Drive is also one of the best movies ever made, in our opinion. Story, characters, pacing, length, action, visuals, and of course the mind-blowingly good soundtrack all combine to deliver perfection. If you asked us for something bad to say about Drive we’d be stumped.
Sadly, there’s no 4K version of Drive. The best you can hope for is the 1080p Blu-ray, which we recommend you obtain before it goes out of print. Drive makes for a superb big-screen viewing experience if you have a home cinema projector at hand. And luckily, the 1080p disc is of such good mastering quality that if your Blu-ray player can upscale you’ll be getting something that looks very close to native 4K.

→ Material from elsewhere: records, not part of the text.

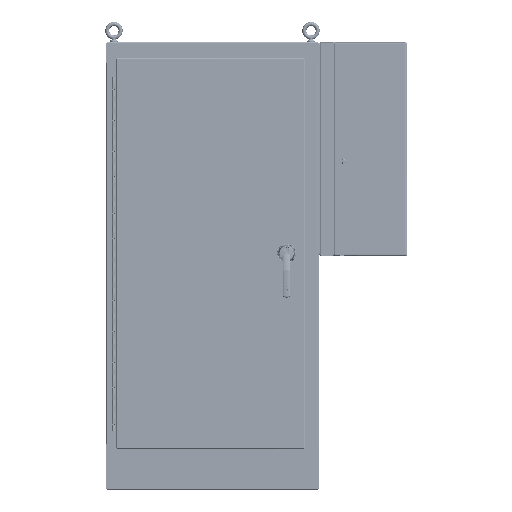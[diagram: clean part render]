
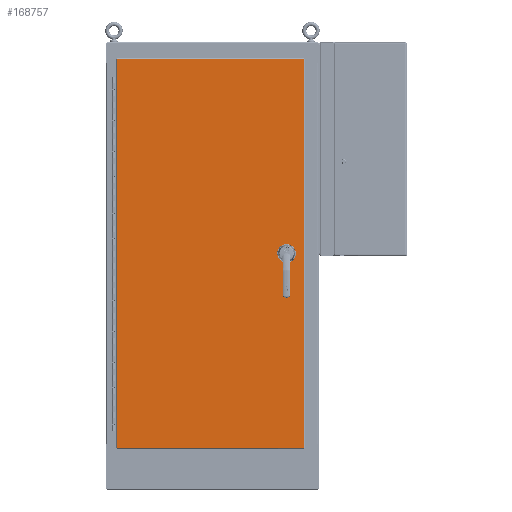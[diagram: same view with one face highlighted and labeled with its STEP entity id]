
A CAD part, top view. The second image highlights one B-rep face of the part: STEP entity #168757.
In plain terms, the highlighted planar face has unit normal (0, 0, 1) as drawn and (0, 0, -1) by its records, which use the part's own axes.
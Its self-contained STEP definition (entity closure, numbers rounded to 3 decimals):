
#139 = CARTESIAN_POINT ( 'NONE',  ( -12.988, 0., -0.095 ) ) ;
#140 = CARTESIAN_POINT ( 'NONE',  ( -13.269, 0., -0.095 ) ) ;
#143 = CARTESIAN_POINT ( 'NONE',  ( -11.176, 0., -0.095 ) ) ;
#144 = CARTESIAN_POINT ( 'NONE',  ( -11.457, 0., -0.095 ) ) ;
#147 = CARTESIAN_POINT ( 'NONE',  ( -11.941, 0., -0.095 ) ) ;
#148 = CARTESIAN_POINT ( 'NONE',  ( -12.503, 0., -0.095 ) ) ;
#149 = CARTESIAN_POINT ( 'NONE',  ( 15.017, -31.267, -0.095 ) ) ;
#150 = CARTESIAN_POINT ( 'NONE',  ( -15.017, -31.267, -0.095 ) ) ;
#151 = CARTESIAN_POINT ( 'NONE',  ( -15.017, 31.267, -0.095 ) ) ;
#152 = CARTESIAN_POINT ( 'NONE',  ( 15.017, 31.267, -0.095 ) ) ;
#75095 = EDGE_LOOP ( 'NONE', ( #295871, #295876, #295880, #295884 ) ) ;
#75101 = EDGE_LOOP ( 'NONE', ( #295864, #295868 ) ) ;
#75106 = EDGE_LOOP ( 'NONE', ( #295856, #295860 ) ) ;
#75127 = EDGE_LOOP ( 'NONE', ( #295848, #295852 ) ) ;
#125224 = AXIS2_PLACEMENT_3D ( 'NONE', #249136, #249149, #249150 ) ;
#125225 = AXIS2_PLACEMENT_3D ( 'NONE', #249152, #249154, #249156 ) ;
#125226 = AXIS2_PLACEMENT_3D ( 'NONE', #249163, #249165, #249167 ) ;
#125229 = AXIS2_PLACEMENT_3D ( 'NONE', #249203, #249219, #249221 ) ;
#125230 = AXIS2_PLACEMENT_3D ( 'NONE', #249206, #249213, #249215 ) ;
#125232 = AXIS2_PLACEMENT_3D ( 'NONE', #249211, #249224, #249225 ) ;
#132165 = AXIS2_PLACEMENT_3D ( 'NONE', #278752, #278760, #278764 ) ;
#168757 = ADVANCED_FACE ( 'NONE', ( #170810, #170824, #170828, #170832 ), #278738, .F. ) ;
#170810 = FACE_BOUND ( 'NONE', #75127, .T. ) ;
#170824 = FACE_BOUND ( 'NONE', #75106, .T. ) ;
#170828 = FACE_BOUND ( 'NONE', #75101, .T. ) ;
#170832 = FACE_OUTER_BOUND ( 'NONE', #75095, .T. ) ;
#227927 = EDGE_CURVE ( 'NONE', #242917, #242919, #241327, .T. ) ;
#227928 = EDGE_CURVE ( 'NONE', #242902, #242904, #241330, .T. ) ;
#227930 = EDGE_CURVE ( 'NONE', #242910, #242911, #241338, .T. ) ;
#227931 = EDGE_CURVE ( 'NONE', #242921, #242923, #241336, .T. ) ;
#227935 = EDGE_CURVE ( 'NONE', #242927, #242921, #241342, .T. ) ;
#227939 = EDGE_CURVE ( 'NONE', #242923, #242925, #241352, .T. ) ;
#227940 = EDGE_CURVE ( 'NONE', #242919, #242917, #241372, .T. ) ;
#227941 = EDGE_CURVE ( 'NONE', #242904, #242902, #241376, .T. ) ;
#227942 = EDGE_CURVE ( 'NONE', #242911, #242910, #241380, .T. ) ;
#227943 = EDGE_CURVE ( 'NONE', #242925, #242927, #241369, .T. ) ;
#241320 = VECTOR ( 'NONE', #249172, 39.37 ) ;
#241327 = CIRCLE ( 'NONE', #125224, 0.281 ) ;
#241330 = CIRCLE ( 'NONE', #125225, 0.14 ) ;
#241336 = LINE ( 'NONE', #249158, #241320 ) ;
#241338 = CIRCLE ( 'NONE', #125226, 0.141 ) ;
#241342 = LINE ( 'NONE', #249183, #241350 ) ;
#241350 = VECTOR ( 'NONE', #249191, 39.37 ) ;
#241352 = LINE ( 'NONE', #249201, #241365 ) ;
#241365 = VECTOR ( 'NONE', #249209, 39.37 ) ;
#241369 = LINE ( 'NONE', #249228, #241374 ) ;
#241372 = CIRCLE ( 'NONE', #125230, 0.281 ) ;
#241374 = VECTOR ( 'NONE', #249230, 39.37 ) ;
#241376 = CIRCLE ( 'NONE', #125229, 0.14 ) ;
#241380 = CIRCLE ( 'NONE', #125232, 0.141 ) ;
#242902 = VERTEX_POINT ( 'NONE', #139 ) ;
#242904 = VERTEX_POINT ( 'NONE', #140 ) ;
#242910 = VERTEX_POINT ( 'NONE', #143 ) ;
#242911 = VERTEX_POINT ( 'NONE', #144 ) ;
#242917 = VERTEX_POINT ( 'NONE', #147 ) ;
#242919 = VERTEX_POINT ( 'NONE', #148 ) ;
#242921 = VERTEX_POINT ( 'NONE', #149 ) ;
#242923 = VERTEX_POINT ( 'NONE', #150 ) ;
#242925 = VERTEX_POINT ( 'NONE', #151 ) ;
#242927 = VERTEX_POINT ( 'NONE', #152 ) ;
#249136 = CARTESIAN_POINT ( 'NONE',  ( -12.222, 0., -0.095 ) ) ;
#249149 = DIRECTION ( 'NONE',  ( 0., 0., -1. ) ) ;
#249150 = DIRECTION ( 'NONE',  ( -1., 0., 0. ) ) ;
#249152 = CARTESIAN_POINT ( 'NONE',  ( -13.128, 0., -0.095 ) ) ;
#249154 = DIRECTION ( 'NONE',  ( 0., 0., -1. ) ) ;
#249156 = DIRECTION ( 'NONE',  ( -1., 0., 0. ) ) ;
#249158 = CARTESIAN_POINT ( 'NONE',  ( 15.109, -31.267, -0.095 ) ) ;
#249163 = CARTESIAN_POINT ( 'NONE',  ( -11.316, 0., -0.095 ) ) ;
#249165 = DIRECTION ( 'NONE',  ( 0., 0., -1. ) ) ;
#249167 = DIRECTION ( 'NONE',  ( -1., 0., 0. ) ) ;
#249172 = DIRECTION ( 'NONE',  ( -1., 0., 0. ) ) ;
#249183 = CARTESIAN_POINT ( 'NONE',  ( 15.017, 31.36, -0.095 ) ) ;
#249191 = DIRECTION ( 'NONE',  ( 0., -1., 0. ) ) ;
#249201 = CARTESIAN_POINT ( 'NONE',  ( -15.017, -31.36, -0.095 ) ) ;
#249203 = CARTESIAN_POINT ( 'NONE',  ( -13.128, 0., -0.095 ) ) ;
#249206 = CARTESIAN_POINT ( 'NONE',  ( -12.222, 0., -0.095 ) ) ;
#249209 = DIRECTION ( 'NONE',  ( 0., 1., 0. ) ) ;
#249211 = CARTESIAN_POINT ( 'NONE',  ( -11.316, 0., -0.095 ) ) ;
#249213 = DIRECTION ( 'NONE',  ( 0., 0., -1. ) ) ;
#249215 = DIRECTION ( 'NONE',  ( -1., 0., 0. ) ) ;
#249219 = DIRECTION ( 'NONE',  ( 0., 0., -1. ) ) ;
#249221 = DIRECTION ( 'NONE',  ( -1., 0., 0. ) ) ;
#249224 = DIRECTION ( 'NONE',  ( 0., 0., -1. ) ) ;
#249225 = DIRECTION ( 'NONE',  ( -1., 0., 0. ) ) ;
#249228 = CARTESIAN_POINT ( 'NONE',  ( -15.109, 31.267, -0.095 ) ) ;
#249230 = DIRECTION ( 'NONE',  ( 1., 0., 0. ) ) ;
#278738 = PLANE ( 'NONE',  #132165 ) ;
#278752 = CARTESIAN_POINT ( 'NONE',  ( -15.222, -31.472, -0.095 ) ) ;
#278760 = DIRECTION ( 'NONE',  ( 0., 0., 1. ) ) ;
#278764 = DIRECTION ( 'NONE',  ( 1., 0., 0. ) ) ;
#295848 = ORIENTED_EDGE ( 'NONE', *, *, #227941, .F. ) ;
#295852 = ORIENTED_EDGE ( 'NONE', *, *, #227928, .F. ) ;
#295856 = ORIENTED_EDGE ( 'NONE', *, *, #227942, .F. ) ;
#295860 = ORIENTED_EDGE ( 'NONE', *, *, #227930, .F. ) ;
#295864 = ORIENTED_EDGE ( 'NONE', *, *, #227940, .F. ) ;
#295868 = ORIENTED_EDGE ( 'NONE', *, *, #227927, .F. ) ;
#295871 = ORIENTED_EDGE ( 'NONE', *, *, #227931, .T. ) ;
#295876 = ORIENTED_EDGE ( 'NONE', *, *, #227939, .T. ) ;
#295880 = ORIENTED_EDGE ( 'NONE', *, *, #227943, .T. ) ;
#295884 = ORIENTED_EDGE ( 'NONE', *, *, #227935, .T. ) ;

Ryan Gosling plays a character known only as “kid” or “driver”. He’s a stunt driver for Hollywood movies and also works for a mechanic called Shannon, played by Bryan Cranston at the height of his Breaking Bad success. Driver also doubles as a professional getaway driver for criminals at night and develops a relationship with his neighbor Irene (Carey Mulligan) and her son Benicio (Kaden Leos). Meanwhile, Irene’s husband Standard Gabriel comes back from prison, played by the always-excellent Oscar Isaac. Things get complicated when they all become involved in a plot hatched by organized crime figures (Ron Perlman and Albert Brooks), with a guest appearance by Christina Hendricks, who was moonlighting during the height of her own show, Mad Men.
For an indie release, Drive featured tons of talent and a superb story by Hossein Amini, based on a novel by the same name from James Sallis.
Drive takes place in a surreal version of early 2010s Los Angeles. While modern, influences from the 1960s and 1980s abound, especially with regards to clothing and cars. This movie looks amazing thanks to photography by Newton Thomas Sigel, with every frame and sequence serving a clear purpose.
It’s also the best Ryan Gosling movie ever by our estimation, almost matched by First Man, but not quite. Gosling’s contemplative, often overly-stoic demeanor in this picture is terrifically memorable and looks spectacular on a big screen. The sweeping vistas of LA at night as contrasted by sunny relaxed scenes match the similar contrast between heartfelt happiness and brutal violence, all depicted with equal adeptness. For a film running just shy of 100 minutes, Drive gets a lot done.
And then there are the cars. If you’re a fan of car movies, Drive needs to be on your list. It’s up there with Vanishing Point and Bullitt, with several direct references to both.
We’ll never forget sitting in the theater back in September 2011, hearing A Real Hero by College and Electric Youth for the first time. We were dumbstruck, and apparently many other people were, too. The synth-heavy, melodic electronic music of Drive sets the perfect mood and doesn’t need many words to describe it, you just need to hear it if you haven’t yet. When watching Drive at your home movie theater room, please make sure you have a good audio setup. The soundtrack demands it. As do the sound effects, most notably any that emanate from cars. Engines, exhausts, and brakes all come through with pristine detail.
Minimalist and spectacular at the same time, Drive is a maudlin yet uplifting remembrance from a time gone by, a time that was only a decade ago but feels like centuries past. It’s a perfect cinematic package and the best work achieved by director Winding Refn, who since then has been relatively quiet, mostly known for appearing in video game Death Stranding.
In tribute to Drive’s minimal approach, we’ll just say watch this movie. If you’ve watched it, do so again.